There was a thread on the riak users mailing list a while back that discussed the overhead of the riak object, estimating it at ~400 bytes per object. However, that was before the new object format was introduced, so it is outdated. Here is a fresh look.
First we need a local client
(node1@127.0.0.1)1> {ok,C}=riak:local_client().
{ok,{riak_client,['node1@127.0.0.1',undefined]}}
Create a new riak object with a 0-byte value
(node1@127.0.0.1)2> Obj = riak_object:new(<<"size">>,<<"key">>,<<>>).

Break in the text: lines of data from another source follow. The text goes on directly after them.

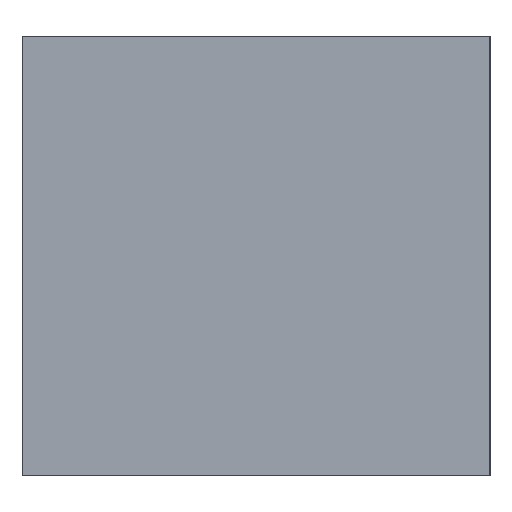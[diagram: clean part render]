
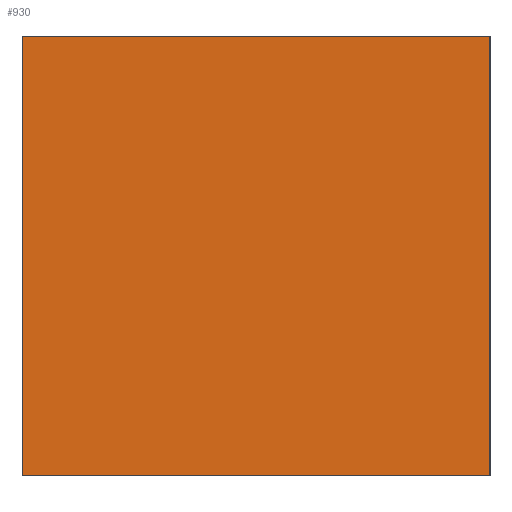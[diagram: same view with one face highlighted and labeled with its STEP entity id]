
A CAD part, left-side view. The second image highlights one B-rep face of the part: STEP entity #930.
In plain terms, the highlighted planar face has unit normal (-1, 0, 0).
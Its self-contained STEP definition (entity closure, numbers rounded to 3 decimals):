
#796=CARTESIAN_POINT('',(-1.549,-0.851,0.0));
#795=VERTEX_POINT('',#796);
#814=CARTESIAN_POINT('',(-1.549,-0.851,1.6));
#813=VERTEX_POINT('',#814);
#822=EDGE_CURVE('',#795,#813,#827,.T.);
#827=LINE('',#796,#829);
#829=VECTOR('',#830,1.6);
#830=DIRECTION('',(0.0,0.0,1.0));
#892=CARTESIAN_POINT('',(-1.549,0.851,0.0));
#891=VERTEX_POINT('',#892);
#902=CARTESIAN_POINT('',(-1.549,0.851,1.6));
#901=VERTEX_POINT('',#902);
#900=EDGE_CURVE('',#901,#891,#905,.T.);
#905=LINE('',#902,#907);
#907=VECTOR('',#908,1.6);
#908=DIRECTION('',(0.0,0.0,-1.0));
#930=ADVANCED_FACE('',(#936),#931,.T.);
#931=PLANE('',#932);
#932=AXIS2_PLACEMENT_3D('',#933,#934,#935);
#933=CARTESIAN_POINT('',(-1.549,0.851,0.0));
#934=DIRECTION('',(-1.0,0.0,0.0));
#935=DIRECTION('',(0.,0.,1.));
#936=FACE_OUTER_BOUND('',#937,.T.);
#937=EDGE_LOOP('',(#938,#948,#958,#968));
#939=EDGE_CURVE('',#795,#891,#944,.T.);
#944=LINE('',#796,#946);
#946=VECTOR('',#947,1.702);
#947=DIRECTION('',(0.0,1.0,0.0));
#938=ORIENTED_EDGE('',*,*,#939,.F.);
#948=ORIENTED_EDGE('',*,*,#822,.T.);
#959=EDGE_CURVE('',#901,#813,#964,.T.);
#964=LINE('',#902,#966);
#966=VECTOR('',#967,1.702);
#967=DIRECTION('',(0.0,-1.0,0.0));
#958=ORIENTED_EDGE('',*,*,#959,.F.);
#968=ORIENTED_EDGE('',*,*,#900,.T.);
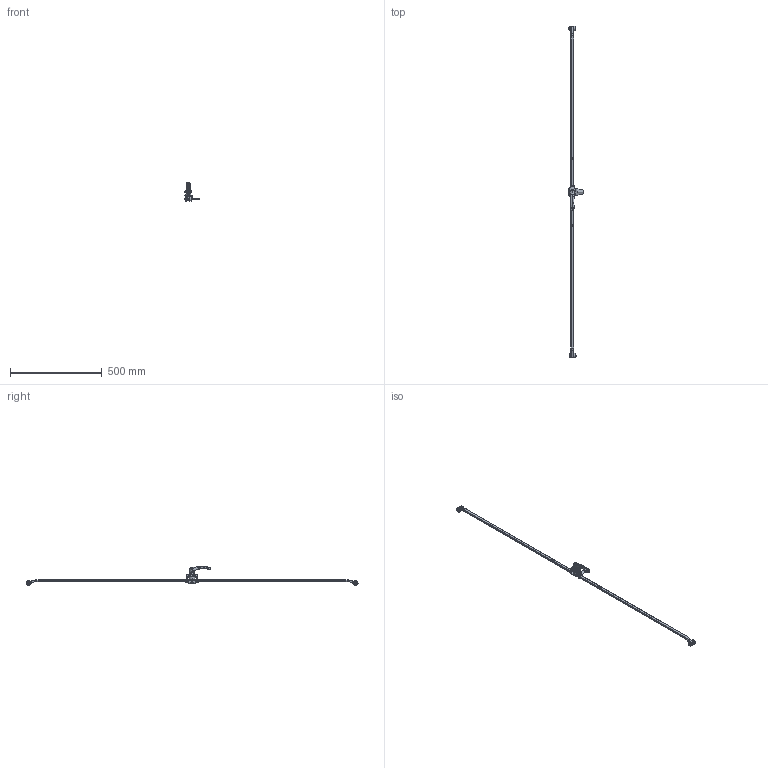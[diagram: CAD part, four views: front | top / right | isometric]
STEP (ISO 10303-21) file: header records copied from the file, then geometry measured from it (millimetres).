
FILE_DESCRIPTION (( 'STEP AP203' ), '1' );
FILE_NAME ('al3dr.STEP', '2018-07-03T19:40:33', ( '' ), ( '' ), 'SwSTEP 2.0', 'SolidWorks 2014', '' );
FILE_SCHEMA (( 'CONFIG_CONTROL_DESIGN' ));
Length unit declared in the file: inch
Products named in the file (18): 22108006; 26274018_26274018; 26118002_26118002; 89145324; 26123007_26123007 ; 89145328; 99401515; 89145315; 89157823_FLEXIBLE; 89145318; 26273018_26273018; al3dr; 89130215; 30101003; 22101005; 27115001; 22101006; 22318002
Assembly tree (21 placements, depth 3):
  al3dr
    26274018_26274018  x2
      26273018_26273018
      30101003
      27115001
      22318002
    89130215
      89145324
      89145328
      89145315
      89145318  x2
    89157823_FLEXIBLE
      22101005
      22101006
      22108006
      26118002_26118002  x2
      26123007_26123007 
      99401515
Bounding box: 85.85 x 1809.72 x 103.43 mm (x, y, z)
Volume: 171121.8 mm3; surface area: 210276 mm2
Topology: 25 solids, 29 shells, 2360 faces, 6147 edges, 3882 vertices
Faces by surface type: bspline 824, plane 697, cylinder 681, torus 91, cone 67
Entity records: 88637 total; most frequent: CARTESIAN_POINT 46475, ORIENTED_EDGE 9826, DIRECTION 6222, EDGE_CURVE 4946, VERTEX_POINT 3129, AXIS2_PLACEMENT_3D 2241, EDGE_LOOP 1984, B_SPLINE_CURVE_WITH_KNOTS 1925
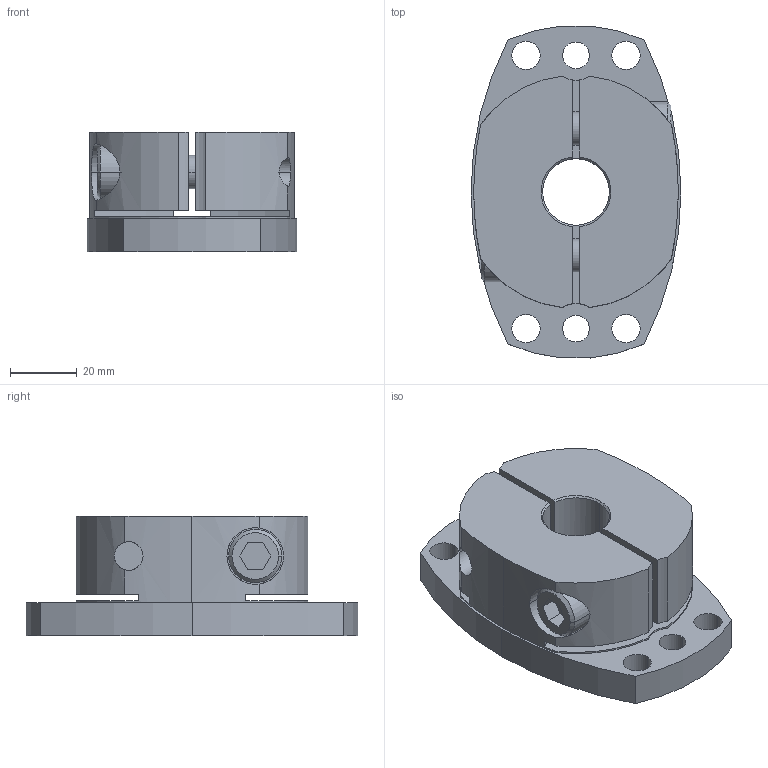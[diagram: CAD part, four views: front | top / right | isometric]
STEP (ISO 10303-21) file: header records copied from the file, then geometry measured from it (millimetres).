
FILE_DESCRIPTION((''),'2;1');
FILE_NAME('SHDB-100B-20.stp','2026-01-28T08:38:03',(''),(''),'AutoCAD STEP 2000i','AutoCAD 2000i',', , ');
FILE_SCHEMA(('CONFIG_CONTROL_DESIGN'));
Length unit declared in the file: millimetre
Products named in the file (2): SHDB-100B-20; 忣兜1
Assembly tree (1 placements, depth 2):
  SHDB-100B-20
    忣兜1
Bounding box: 63 x 99.64 x 36 mm (x, y, z)
Volume: 123354.3 mm3; surface area: 30808 mm2
Topology: 1 solids, 1 shells, 102 faces, 280 edges, 184 vertices
Faces by surface type: cylinder 58, plane 34, cone 10
Entity records: 3723 total; most frequent: CARTESIAN_POINT 896, DIRECTION 602, ORIENTED_EDGE 560, EDGE_CURVE 280, AXIS2_PLACEMENT_3D 238, VERTEX_POINT 184, CIRCLE 134, VECTOR 126
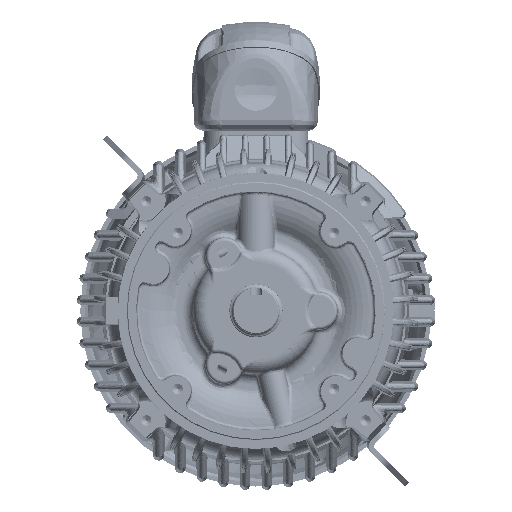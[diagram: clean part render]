
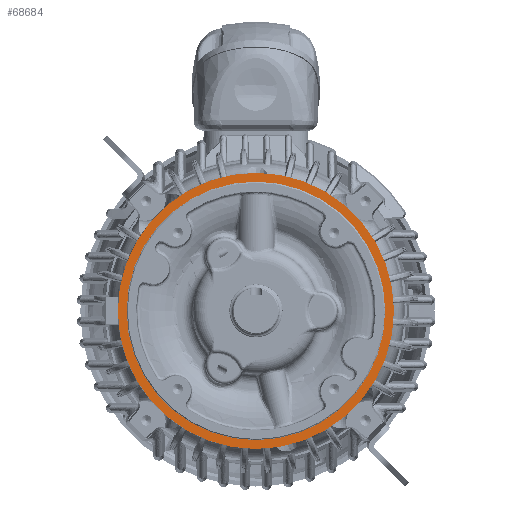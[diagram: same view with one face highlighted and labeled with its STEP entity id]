
A CAD part, front view. The second image highlights one B-rep face of the part: STEP entity #68684.
In plain terms, the highlighted planar face has unit normal (0, -1, 0) as drawn and (0, 0, -1) by its records, which use the part's own axes.
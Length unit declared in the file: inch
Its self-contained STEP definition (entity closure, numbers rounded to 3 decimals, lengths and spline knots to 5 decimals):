
#46289=CARTESIAN_POINT('',(0.,0.,-4.482));
#46290=DIRECTION('',(0.,0.,1.));
#46291=DIRECTION('',(0.,1.,0.));
#46292=AXIS2_PLACEMENT_3D('',#46289,#46290,#46291);
#46304=CARTESIAN_POINT('',(0.,0.,-4.482));
#46305=DIRECTION('',(0.,0.,-1.));
#46306=DIRECTION('',(0.,1.,0.));
#46307=AXIS2_PLACEMENT_3D('',#46304,#46305,#46306);
#46309=CARTESIAN_POINT('',(0.,0.,-4.482));
#46310=DIRECTION('',(0.,0.,1.));
#46311=DIRECTION('',(0.,1.,0.));
#46312=AXIS2_PLACEMENT_3D('',#46309,#46310,#46311);
#46314=CARTESIAN_POINT('',(0.,0.,-4.482));
#46315=DIRECTION('',(0.,0.,-1.));
#46316=DIRECTION('',(0.,1.,0.));
#46317=AXIS2_PLACEMENT_3D('',#46314,#46315,#46316);
#62860=CARTESIAN_POINT('',(0.,5.266,-4.482));
#62862=VERTEX_POINT('',#62860);
#62868=CARTESIAN_POINT('',(0.,-5.266,-4.482));
#62870=VERTEX_POINT('',#62868);
#63380=CARTESIAN_POINT('',(0.,5.625,-4.482));
#63381=CARTESIAN_POINT('',(0.,-5.625,-4.482));
#63382=VERTEX_POINT('',#63380);
#63383=VERTEX_POINT('',#63381);
#68670=CARTESIAN_POINT('',(0.,0.,-4.482));
#68671=DIRECTION('',(0.,0.,1.));
#68672=DIRECTION('',(0.,1.,0.));
#68673=AXIS2_PLACEMENT_3D('',#68670,#68671,#68672);
#68674=PLANE('',#68673);
#68675=ORIENTED_EDGE('',*,*,#63487,.T.);
#68677=ORIENTED_EDGE('',*,*,#68676,.F.);
#68678=EDGE_LOOP('',(#68675,#68677));
#68679=FACE_OUTER_BOUND('',#68678,.F.);
#68680=ORIENTED_EDGE('',*,*,#68665,.T.);
#68681=ORIENTED_EDGE('',*,*,#68649,.F.);
#68682=EDGE_LOOP('',(#68680,#68681));
#68683=FACE_BOUND('',#68682,.F.);
#68684=ADVANCED_FACE('',(#68679,#68683),#68674,.F.);
#46293=CIRCLE('',#46292,5.266);
#46308=CIRCLE('',#46307,5.266);
#46313=CIRCLE('',#46312,5.625);
#46318=CIRCLE('',#46317,5.625);
#63487=EDGE_CURVE('',#63382,#63383,#46313,.T.);
#68649=EDGE_CURVE('',#62862,#62870,#46293,.T.);
#68665=EDGE_CURVE('',#62862,#62870,#46308,.T.);
#68676=EDGE_CURVE('',#63382,#63383,#46318,.T.);
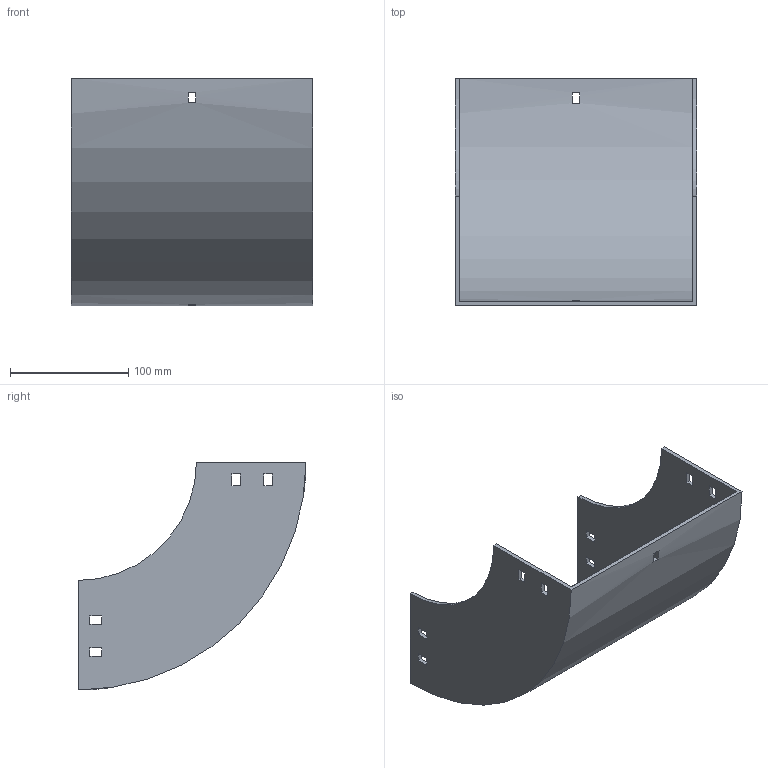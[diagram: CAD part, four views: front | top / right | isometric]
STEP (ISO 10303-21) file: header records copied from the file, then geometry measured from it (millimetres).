
FILE_DESCRIPTION (( 'STEP AP214' ), '1' );
FILE_NAME ('30B1I200.step', '2025-02-21T09:51:20', ( '' ), ( '' ), 'SwSTEP 2.0', 'SolidWorks 2023', '' );
FILE_SCHEMA (( 'AUTOMOTIVE_DESIGN' ));
Length unit declared in the file: millimetre
Products named in the file (1): 30B1I200
Bounding box: 204 x 192.5 x 192.5 mm (x, y, z)
Volume: 352972.9 mm3; surface area: 206661.5 mm2
Topology: 1 solids, 1 shells, 50 faces, 144 edges, 96 vertices
Faces by surface type: plane 46, cylinder 4
Entity records: 1687 total; most frequent: CARTESIAN_POINT 291, ORIENTED_EDGE 288, DIRECTION 262, EDGE_CURVE 144, LINE 128, VECTOR 128, VERTEX_POINT 96, EDGE_LOOP 70

#r_object{bucket = <<"size">>,key = <<"key">>,
contents = [#r_content{metadata = {dict,0,16,16,8,80,48,
{[],[],[],[],[],[],[],[],[],[],[],[],[],[],...},
{{[],[],[],[],[],[],[],[],[],[],[],[],...}}},
value = <<>>}],
vclock = [],
updatemetadata = {dict,1,16,16,8,80,48,
{[],[],[],[],[],[],[],[],[],[],[],[],[],[],[],...},
{{[],[],[],[],[],[],[],[],[],[],[],[],[],...}}},
updatevalue = undefined}
The object is actually stored in a reduced binary format:
(node1@127.0.0.1)3> byte_size(riak_object:to_binary(v1,Obj)).
36
That is 36 bytes overhead for just the object, but that doesn't include the metadata like last updated time or the version vector, so store it in Riak and check again.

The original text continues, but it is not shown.